Assim, cada autarquia, seja ela predominantemente rural, predominantemente urbana, ou uma mescla complexa das duas, como acontece com Loures (o que é próprio das periferias, mas não já num sentido pejorativo do termo, sentido esse completamente ultrapassado) põe problemas particulares na sua gestão, na sua valorização, na travagem do que pode ser negativo para a vida coletiva, na correção de erros do passado e na perspetivação de futuros, com outras centralidades, com formas originais de urbanismo (por exemplo, tentando articular melhor, “coser” de modo orgânico, as diferentes unidades que se foram implantando no território, etc., etc.)

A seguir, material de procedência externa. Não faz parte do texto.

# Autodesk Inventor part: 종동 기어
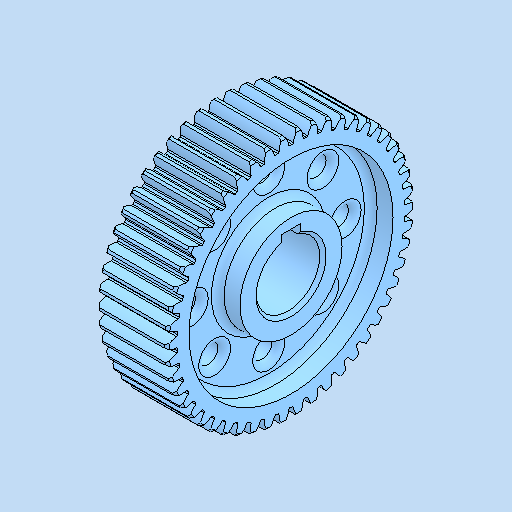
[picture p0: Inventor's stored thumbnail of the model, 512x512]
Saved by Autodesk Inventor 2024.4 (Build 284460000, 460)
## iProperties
Created: 2025-11
Part Number: 종동 기어
Material: 강철, 탄소
Document SubType Name: Modeling
Designer: home
Density: 7.85 g/cm^3
Appearance: 기본값
Author: jhkim
Sending System: Autodesk Inventor 2026
Preprocessor: ST-DEVELOPER v20.1
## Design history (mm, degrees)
feature "솔리드1"
node "솔리드2"
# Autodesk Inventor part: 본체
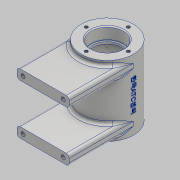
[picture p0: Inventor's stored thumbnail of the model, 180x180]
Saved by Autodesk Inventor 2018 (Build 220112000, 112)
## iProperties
Created: 2020-07
Part Number: 본체
Material: 알루미늄 6061
Document SubType Name: Modeling
Designer: home
Density: 2.7 g/cm^3
Appearance: 알루미늄 - 평지
Author: home
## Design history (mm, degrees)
sketch "스케치1"
  geometry: L1 (0, 0)-(0, -55.603); L2 (26, 7.199)-(17, 7.199); L3 (16, 6.199)-(16, -4.501); L4 (15.7, -4.801)-(14, -4.801); L5 (14, -4.801)-(14, -6.801); L6 (14, -6.801)-(18, -6.801); L7 (21, -9.801)-(21, -45.801); L8 (18, -48.801)-(14, -48.801); L9 (14, -48.801)-(14, -50.801); L10 (14, -50.801)-(15.7, -50.801); L11 (16, -51.101)-(16, -61.801); L12 (17, -62.801)-(26, -62.801); L13 (26, -62.801)-(26, 7.199); L14 (16, 6.199)-(17, 7.199); L15 (16, -61.801)-(17, -62.801); A1 r 0.3 centre (15.7, -4.501) between (15.7, -4.801) and (16, -4.501); A2 r 0.3 centre (15.7, -51.101) between (16, -51.101) and (15.7, -50.801); A3 r 3 centre (18, -45.801) between (18, -48.801) and (21, -45.801); A4 r 3 centre (18, -9.801) between (21, -9.801) and (18, -6.801); 8 further points
  constraints: 30 end point, 16 point on line, 9 perpendicular, 8 point on circle, 8 tangent, 4 centre point, 2 equal radius, 2 midpoint, 1 horizontal, 1 horizontal alignment, 1 vertical
  dimensions: "d0" = 32 diameter of L3 L1; "d1" = 28 diameter of L5 L1; "d3" = 52 diameter of L13 L1; "d5" = 12 distance of point (16, 7.199) point (16, -4.801); "d6" = 12 distance of point (16, -50.801) point (16, -62.801); "d7" = 2 distance of L4.end L5.end; "d8" = 2 distance of L8.end L9.end; "d10" = 42 distance of point (21, -6.801) point (21, -48.801); "d11" = 42 diameter of L7 L1; "d12" = 7.19866 distance from line of L1.start L2; "d13" = 0.3 radius of A1; "d14" = 3 radius of A3; "d15" = 1 distance of L3.start point (16, 7.199); "d16" = 45 deg angle of L3 L14; "d17" = 1 distance of L11.end point (16, -62.801) (= d15); "d18" = 45 deg angle of L11 L15 (= d16)
revolve "회전1" sketch "스케치1" stored, may be unused: angle "d19" = 90 deg
sketch "스케치2"
  geometry: 1 further point
node "작업 평면1"
sketch "스케치3"
  geometry: L1 (-26, 7.199)-(26, 7.199) reference; C1 r 5 at (0, -27.801); 1 further point
  constraints: 1 centre point
  dimensions: "d21" = 10 diameter of C1; "d22" = 35 distance from line of L1 C1.centre; "d23" = 26 horizontal distance of L1.start C1.centre
extrude "돌출1" join sketch "스케치3" stored distance "d24" = 10; taper "d25" = 0 deg; dims "d0" = 32, "d1" = 28, "d3" = 52, "d5" = 12, "d6" = 12, "d7" = 2, "d8" = 2, "d10" = 42, "d11" = 42, "d12" = 7.19866, "d13" = 0.3, "d14" = 3, "d15" = 1, "d16" = 45 deg, "d17" = 1 (= d15), "d18" = 45 deg (= d16)
node "작업 평면3"
  node "작업 평면2"
sketch "스케치4"
  geometry: L1 (26, 0)-(26, -64); L2 (26, -64)-(-26, -64); L3 (-26, -64)-(-26, 0); A1 r 26 centre (0, 0) between (26, 0) and (-26, 0) reference; 1 further point
  constraints: 6 end point, 2 perpendicular, 2 point on circle, 1 tangent, 1 vertical
  dimensions: "d27" = 52 distance of L1.end L2.end; "d28" = 64 distance of L1.start L1.end
extrude "돌출2" join sketch "스케치4" distance "d29" = 10; taper "d30" = 0 deg
node "작업 평면4"
sketch "스케치5"
  geometry: L1 (0, 0)-(9.919, -27.251); L2 (0, 0)-(0, -45.606); 1 further point
  constraints: 4 end point, 1 coincident, 1 vertical
  dimensions: "d31" = 20 deg angle of L2 L1; "d32" = 29 distance of L1.start L1.end; "d33" = 15.59812 distance from line of L2.end L1
node "작업 평면5"
sketch "스케치7"
  geometry: C1 r 26 at (0, 0) reference; 2 further points
  constraints: 1 vertical alignment
  dimensions: "d38" = 21 distance of point (0, 21) point (0, 0)
hole "구멍1" sketch "스케치7" at (0, 21) diameter "d39" = 3.242; stored, may be unused: countersink angle "d43" = 90 deg, drill point angle "d45" = 118 deg; dims "d40" = 8, "d41" = 4, "d42" = 2, "d44" = 10
sketch "스케치8"
  geometry: C1 r 5 at (0, 0) reference; 2 further points
  constraints: 1 coincident
hole "구멍2" sketch "스케치8" at (0, 0) diameter "d49" = 5.188; stored, may be unused: countersink angle "d53" = 90 deg, drill point angle "d55" = 0 deg; dims "d50" = 12, "d51" = 4, "d52" = 2, "d54" = 16
sketch "스케치10"
  geometry: L1 (0, 10)-(52, 10) reference; L2 (0, -50)-(52, -50) reference; 5 further points
  constraints: 2 horizontal alignment, 2 vertical alignment
  dimensions: "d63" = 5 distance from line of L1 point (46, 5); "d64" = 40 distance of point (6, 5) point (46, 5); "d65" = 20 horizontal distance of point (26, 7.801) point (46, 5); "d66" = 5 distance from line of L2 point (46, -45)
hole "구멍4" sketch "스케치10" at (46, 5), (46, -45), (6, -45), (6, 5) diameter "d67" = 4.134; stored, may be unused: countersink angle "d71" = 90 deg, drill point angle "d73" = 118 deg; dims "d68" = 8, "d69" = 4, "d70" = 2, "d72" = 10
fillet "모깎기1" dims "d74" = 3
fillet "모깎기2" dims "d75" = 3, "d76" = 2
node "작업 평면6"
sketch "스케치11"
  geometry: L1 (-26, 7.199)-(26, 7.199) reference; L2 (26, 7.199)-(26, -62.801) reference; 2 further points
  constraints: 1 other
  dimensions: "d78" = 35 distance from line of L1 point (0, -27.801); "d79" = 26 distance from line of L2 point (0, -27.801)
feature "엠보싱1" sketch "스케치11" dims "d80" = 0.5, "d81" = 0
node "작업 평면7"
sketch "스케치12"
  geometry: L1 (0, 0)-(-9.919, -27.251); L2 (0, 0)-(0, -49.376); 1 further point
  constraints: 4 end point, 1 coincident, 1 vertical
  dimensions: "d82" = 20 deg angle of L2 L1; "d83" = 29 distance of L1.start L1.end; "d84" = 16.88773 distance from line of L2.end L1
node "작업 평면9"
sketch "스케치14"
  geometry: L1 (24.432, -27)-(46.321, -27) reference; C1 r 6 at (0, 0); 1 further point
  constraints: 1 centre point
  dimensions: "d85" = 12 diameter of C1; "d86" = 27.80134 distance of point (0, 27.801) C1.centre; "d87" = 27 distance from line of L1 C1.centre
extrude "돌출4" join sketch "스케치14" stored distance "d88" = 10; taper "d89" = 0 deg
sketch "스케치15"
  geometry: C1 r 6 at (0, 0) reference; 2 further points
  constraints: 1 coincident
hole "구멍5" sketch "스케치15" at (0, 0) diameter "d90" = 5.188; stored, may be unused: countersink angle "d94" = 90 deg, drill point angle "d96" = 0 deg; dims "d91" = 12, "d92" = 4, "d93" = 2, "d95" = 16
fillet "모깎기3" dims "d97" = 2
node "솔리드1"
mirror "미러1"
pattern_circular "원형 패턴1" dims angle "d47" = 360 deg
mirror "미러2"
node "투영된 루프2"
other parameters: "d20" = 29, "d77" = 48
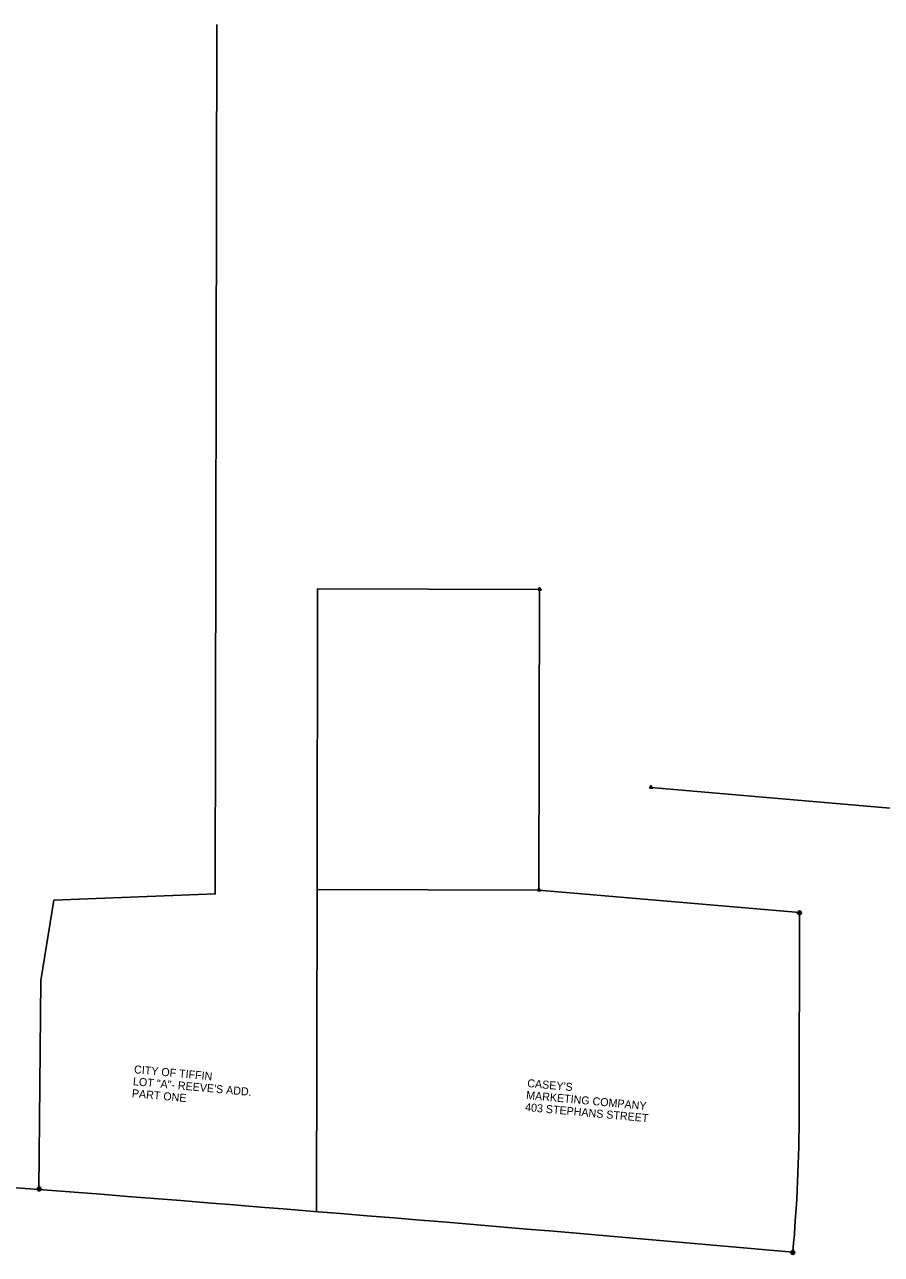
# Model space of a CAD drawing. Extents: x 20500076 to 20505422, y 7951999 to 7957351.
# Drawn here: x 20501277 to 20501783, y 7953972 to 7954698 of the extents above; entities that cross this region are included whole.
import ezdxf

# ---------------------------------------------------------------- set-up
doc = ezdxf.new("R2010")
doc.units = 0
for name, color, linetype in [('DisROW Existing', 7, 'Continuous'), ('DisROW Property Lines', 7, 'Continuous'), ('rowdsnSymbolsProposed', 7, 'Continuous'), ('SurControl', 7, 'Continuous'), ('SurSectionCorner', 7, 'Continuous'), ('Text', 7, 'Continuous')]:
    doc.layers.add(name, color=color, linetype=linetype)

msp = doc.modelspace()

# ---------------------------------------------------------------- linework, layer by layer
at = {"layer": 'DisROW Existing'}
for p, q in [((20502125.45, 7954206.14), (20501646.66, 7954247.4)), ((20501734.14, 7954056.11), (20501734.36, 7954173.59))]:
    msp.add_line(p, q, dxfattribs=at)
msp.add_lwpolyline([(20501734.36, 7954173.59), (20501580.54, 7954186.85), (20501580.89, 7954364.33)], dxfattribs=at)
for centre, radius, start, end in [((20500767.14, 7954057.98), 967, 354.96779, 359.88926), ((20498089.14, 7912778.84), 41354.94, 84.948602, 85.647544)]:
    msp.add_arc(centre, radius, start, end, dxfattribs=at)
at = {"layer": 'DisROW Property Lines'}
for points in [[(20501285.45, 7954010.07), (20501286.54, 7954133.46), (20501294.3, 7954180.83), (20501389.52, 7954184.56), (20501390.46, 7954697.69)], [(20501449.54, 7954187.1), (20501449.89, 7954364.58), (20501580.89, 7954364.33)], [(20501449.18, 7953997.05), (20501449.54, 7954187.1), (20501580.54, 7954186.85)]]:
    msp.add_lwpolyline(points, dxfattribs=at)
at = {"layer": 'rowdsnSymbolsProposed'}
for points in [[(20501580.89, 7954364.33), (20501580.89, 7954364.33)], [(20501646.66, 7954247.4), (20501646.66, 7954247.4)], [(20501580.54, 7954186.85), (20501580.55, 7954186.85)], [(20501734.36, 7954173.59), (20501734.37, 7954173.59)], [(20501285.45, 7954010.07), (20501285.45, 7954010.07)], [(20501449.18, 7953997.05), (20501449.18, 7953997.05)], [(20501730.41, 7953973.16), (20501730.41, 7953973.16)]]:
    msp.add_lwpolyline(points, dxfattribs=at)
at = {"layer": 'SurControl'}
for centre in [(20501734.34, 7954173.29), (20501285.58, 7954010.41), (20501730.37, 7953972.88)]:
    msp.add_circle(centre, 1.12, dxfattribs=at)
at = {"layer": 'SurSectionCorner'}
for points in [[(20501579.97, 7954363.8), (20501581.8, 7954363.8), (20501580.89, 7954365.38)], [(20501645.75, 7954246.87), (20501647.58, 7954246.87), (20501646.66, 7954248.45)], [(20501579.63, 7954186.32), (20501581.46, 7954186.32), (20501580.54, 7954187.9)], [(20501733.45, 7954173.06), (20501735.28, 7954173.06), (20501734.36, 7954174.65)], [(20501284.53, 7954009.54), (20501286.36, 7954009.54), (20501285.45, 7954011.13)], [(20501729.5, 7953972.63), (20501731.33, 7953972.63), (20501730.41, 7953974.22)]]:
    msp.add_lwpolyline(points, close=True, dxfattribs=at)

# ---------------------------------------------------------------- texts
at = {"layer": 'Text'}
for s, height, p in [('CITY OF TIFFIN', 4.7244, (20501341.39, 7954078.72)), ('LOT "A"- REEVE\'S ADD.', 4.7244, (20501340.75, 7954071.66)), ("CASEY'S", 4.724, (20501573.48, 7954070.58)), ('PART ONE', 4.724, (20501340.1, 7954064.61)), ('MARKETING COMPANY', 4.7244, (20501572.83, 7954063.53)), ('403 STEPHANS STREET', 4.7244, (20501572.19, 7954056.47))]:
    msp.add_text(s, height=height, rotation=354.76449, dxfattribs=at).set_placement(p)

doc.saveas('drawing.dxf')
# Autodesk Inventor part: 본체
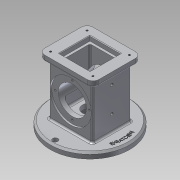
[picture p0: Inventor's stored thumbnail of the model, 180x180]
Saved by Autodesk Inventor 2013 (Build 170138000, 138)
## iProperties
Created: 2019-08
Part Number: 본체
Material: 알루미늄 6061
Document SubType Name: Modeling
Designer: Administrator
Density: 2.71 g/cm^3
Mass: 1042.69 g
Surface Area: 783.574 cm^2
Volume: 384.757 cm^3
Author: Administrator
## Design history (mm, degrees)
node "작업 평면1"
sketch "스케치1"
  geometry: C1 r 67.5 at (0, 0); 1 further point
  constraints: 1 centre point, 1 coincident
  dimensions: "d1" = 135 diameter of C1
extrude "돌출1" new body sketch "스케치1" distance "d2" = 10; taper "d3" = 0 deg
sketch "스케치2"
  geometry: L1 (-37, -33)-(37, -33); L2 (37, -33)-(37, 33); L3 (37, 33)-(-37, 33); L4 (-37, 33)-(-37, -33); L5 (-37, -33)-(37, 33); L6 (37, -33)-(-37, 33); C1 r 67.5 at (0, 0) reference
  constraints: 12 end point, 2 midpoint, 2 parallel, 1 horizontal, 1 perpendicular
  dimensions: "d4" = 74 distance of L2.end L3.end; "d6" = 66 distance of L1.end L2.end
extrude "돌출2" join sketch "스케치2" distance "d7" = 88; taper "d8" = 0 deg
sketch "스케치3"
  geometry: L1 (-46, -41)-(46, -41); L2 (46, -41)-(46, 41); L3 (46, 41)-(-46, 41); L4 (-46, 41)-(-46, -41); L5 (-46, -41)-(46, 41); L6 (46, -41)-(-46, 41); 1 further point
  constraints: 12 end point, 2 midpoint, 2 parallel, 1 horizontal, 1 perpendicular
  dimensions: "d9" = 92 distance of L2.end L3.end; "d11" = 82 distance of L1.end L2.end
extrude "돌출3" join sketch "스케치3" distance "d12" = 10; taper "d13" = 0 deg
sketch "스케치4"
  geometry: C1 r 35 at (37, 44); 1 further point
  constraints: 1 centre point, 1 coincident
  dimensions: "d14" = 70 diameter of C1
extrude "돌출4" cut sketch "스케치4" distance "d15" = 3; taper "d16" = 0 deg
sketch "스케치5"
  geometry: C1 r 35 at (0, 0) reference; C2 r 24 at (0, 0)
  constraints: 1 centre point, 1 coincident
  dimensions: "d17" = 48 diameter of C2
extrude "돌출5" cut sketch "스케치5" stored distance "d18" = 3; taper "d19" = 0 deg
sketch "스케치6"
  geometry: C1 r 24 at (37, -44) reference; C2 r 35 at (37, -44)
  constraints: 1 centre point, 1 coincident
  dimensions: "d20" = 70 diameter of C2
extrude "돌출6" cut sketch "스케치6" distance "d21" = 3; taper "d22" = 0 deg
sketch "스케치7"
  geometry: L1 (-26, -26)-(26, -26); L2 (26, -26)-(26, 26); L3 (26, 26)-(-26, 26); L4 (-26, 26)-(-26, -26); L5 (-26, -26)-(26, 26); L6 (26, -26)-(-26, 26); 1 further point
  constraints: 12 end point, 2 midpoint, 2 parallel, 1 horizontal, 1 perpendicular
  dimensions: "d23" = 52 distance of L2.end L3.end; "d25" = 52 distance of L1.end L2.end
extrude "돌출7" cut sketch "스케치7" distance "d26" = 8; taper "d27" = 0 deg
sketch "스케치8"
  geometry: L1 (-22, -22)-(22, -22); L2 (22, -22)-(22, 22); L3 (22, 22)-(-22, 22); L4 (-22, 22)-(-22, -22); L5 (-22, -22)-(22, 22); L6 (22, -22)-(-22, 22); 1 further point
  constraints: 12 end point, 2 midpoint, 2 parallel, 1 horizontal, 1 perpendicular
  dimensions: "d28" = 44 distance of L2.end L3.end; "d30" = 44 distance of L1.end L2.end
extrude "돌출8" cut sketch "스케치8" distance "d31" = 74; taper "d32" = 0 deg
sketch "스케치9"
  geometry: C1 r 67.5 at (0, 0) reference; C2 r 25 at (0, 0)
  constraints: 1 centre point, 1 coincident
  dimensions: "d33" = 50 diameter of C2
extrude "돌출9" cut sketch "스케치9" distance "d34" = 18; taper "d35" = 0 deg
sketch "스케치10"
  geometry: C1 r 25 at (0, 0) reference; C2 r 12.5 at (0, 0)
  constraints: 1 centre point, 1 coincident
  dimensions: "d36" = 25 diameter of C2
extrude "돌출10" cut sketch "스케치10" distance "d37" = 18; taper "d38" = 0 deg
sketch "스케치11"
  geometry: C1 r 67.5 at (0, 0) reference; C2 r 4.5 at (0, 59); C3 r 4.5 at (-59, 0); C4 r 4.5 at (0, -59); A1 r 59 centre (0, 0) between (0, 59) and (-59, 0)
  constraints: 4 centre point, 3 point on circle, 2 vertical alignment, 1 coincident, 1 horizontal alignment
  dimensions: "d39" = 118 diameter of A1; "d40" = 9 diameter of C2; "d41" = 9 diameter of C3; "d42" = 9 diameter of C4
extrude "돌출11" cut sketch "스케치11" stored distance "d43" = 18; taper "d44" = 0 deg
sketch "스케치12"
  geometry: L1 (10, -34.5)-(10, 100.5) reference; 3 further points
  constraints: 2 horizontal alignment
  dimensions: "d45" = 37 distance from line of point (-27, 33) L1; "d46" = 43 distance of point (-70, 33) point (-27, 33)
hole "구멍1" sketch "스케치12" at (-70, 33), (-27, 33) diameter "d47" = 4.917; stored, may be unused: countersink angle "d51" = 90 deg, drill point angle "d53" = 0 deg; dims "d48" = 6, "d49" = 4, "d50" = 2, "d52" = 28
fillet "모깎기1" dims "d60" = 10
sketch "스케치16"
  geometry: A1 r 10 centre (-36, 31) between (-36, 41) and (-46, 31) reference; A2 r 10 centre (-36, -31) between (-46, -31) and (-36, -41) reference; A3 r 10 centre (36, -31) between (36, -41) and (46, -31) reference; A4 r 10 centre (36, 31) between (46, 31) and (36, 41) reference; 1 further point
hole "구멍2" sketch "스케치16" at (-36, 31), (36, 31), (36, -31), (-36, -31) diameter "d61" = 3.242; stored, may be unused: countersink angle "d65" = 90 deg, drill point angle "d67" = 118 deg; dims "d62" = 4, "d63" = 4, "d64" = 2, "d66" = 6
sketch "스케치17" dims "d68" = 58
  geometry: C1 r 24 at (0, 0) reference; C2 r 35 at (0, 0) reference; 2 further points
  constraints: 2 vertical alignment, 1 coincident, 2 other
hole "구멍3" sketch "스케치17" at (0, 29) diameter "d70" = 3.242; stored, may be unused: countersink angle "d74" = 90 deg, drill point angle "d76" = 118 deg; dims "d71" = 4, "d72" = 4, "d73" = 2, "d75" = 6
node "작업 평면2"
node "작업 평면4"
sketch "스케치18"
  geometry: C1 r 59 at (0, 0); 1 further point
  constraints: 1 centre point, 1 coincident, 1 other
  dimensions: "d82" = 118 diameter of C1
feature "엠보싱1" sketch "스케치18" dims "d1" = 135, "d9" = 92, "d11" = 82, "d83" = 0.5, "d84" = 0
chamfer "모따기1" distance "d85" = 3; stored, may be unused: second distance "d86" = 2, angle "d87" = 45 deg
chamfer "모따기2" distance "d88" = 1; stored, may be unused: second distance "d89" = 2, angle "d90" = 45 deg
fillet "모깎기2" dims "d91" = 3
fillet "모깎기3" dims "d92" = 3
fillet "모깎기4" dims "d93" = 3
fillet "모깎기5" dims "d94" = 3
fillet "모깎기6" dims "d95" = 3
fillet "모깎기7" dims "d96" = 3
node "솔리드1"
pattern_circular "원형 패턴1" dims angle "d78" = 360 deg
mirror "대칭1"
other parameters: "d0" = -54, "d81" = 31

Importa precisamente, assumidas as dificuldades de se estar perante a proximidade da capital do país, que atrai como grande íman muitas pessoas para o trabalho ou para o lazer, fixar localmente atividades produtivas (de todo o tipo, incluindo as culturais), no melhor sentido do termo, isto é, atividades que autonomamente enriqueçam o quotidiano concelhio, o qualifiquem, o distingam. E isso é um problema financeiro, sim, mas é também um problema de imaginação, sabendo inclusivamente aproveitar as pessoas e os fluxos tradicionalmente sedeados em Lisboa.
Hoje em dia a capital é uma das cidades mais procuradas pelo turismo; isso é bom, mas também tem o inconveniente das grandes massas que invadem o centro, que se enche de hotéis e de restaurantes, de lojas “very typical”, etc., o que causa inclusivamente problemas aos residentes. O cosmopolitismo é agradável, mas de algum modo, se feito pelo turismo, é superficial e plastifica a oferta, que em todas as cidades europeias gira em torno de marcas ou de modas, de forma por vezes um tanto cansativa.
Não se trata de fazer a apologia do subúrbio, que tem muito de menos bom também, mas de referir que o que importa é, sem complexos de superioridade ou inferioridade, ligá-lo o mais possível a diferentes destinos, ou seja, articulá-lo com a circulação hoje tão característica do mundo em que vivemos.
Nesse sentido, por exemplo, seria crucial que a linha do metropolitano de Lisboa que vem até Odivelas, chegasse a Loures, facilitando o rápido acesso à capital, e vice-versa; que existissem na nossa sede do concelho infraestruturas que permitissem a realização de congressos e outros eventos que trouxessem pessoas com poder de compra e diversas exigências culturais (no sentido mais alargado do termo) que animariam a economia (hotelaria, centro de congressos ou, pelo menos, “hotéis de charme” que poderiam estar espalhados pelo concelho, aproveitando as suas quintas, e um bom auditório multiusos).
Seria talvez também importante ainda, criar aqui, para além do que já existe e acontece, um evento cíclico de escala razoável, com visibilidade, que fundasse uma “marca” cultural de grande qualidade, que criasse, pois é assim que as coisas nascem, uma nova “tradição”. Problema de imaginação, mas, atenção: problema não apenas nem sobretudo dos responsáveis técnicos e políticos, que já fazem muito, mas dos próprios munícipes, da iniciativa individual, de todos nós.
Terra de acolhimento dos mais variados tipos de pessoas, Loures pode tirar ainda mais partido dessa riqueza humana. Nada é estático neste mundo, muito menos as suas paisagens, os seus patrimónios. Elas são apenas pretextos, mediadores, para as linhas do futuro abrirem espaço para novas sociabilidades, evitando qualquer folclorização das culturas e muito menos o seu fechamento, a sua guetização.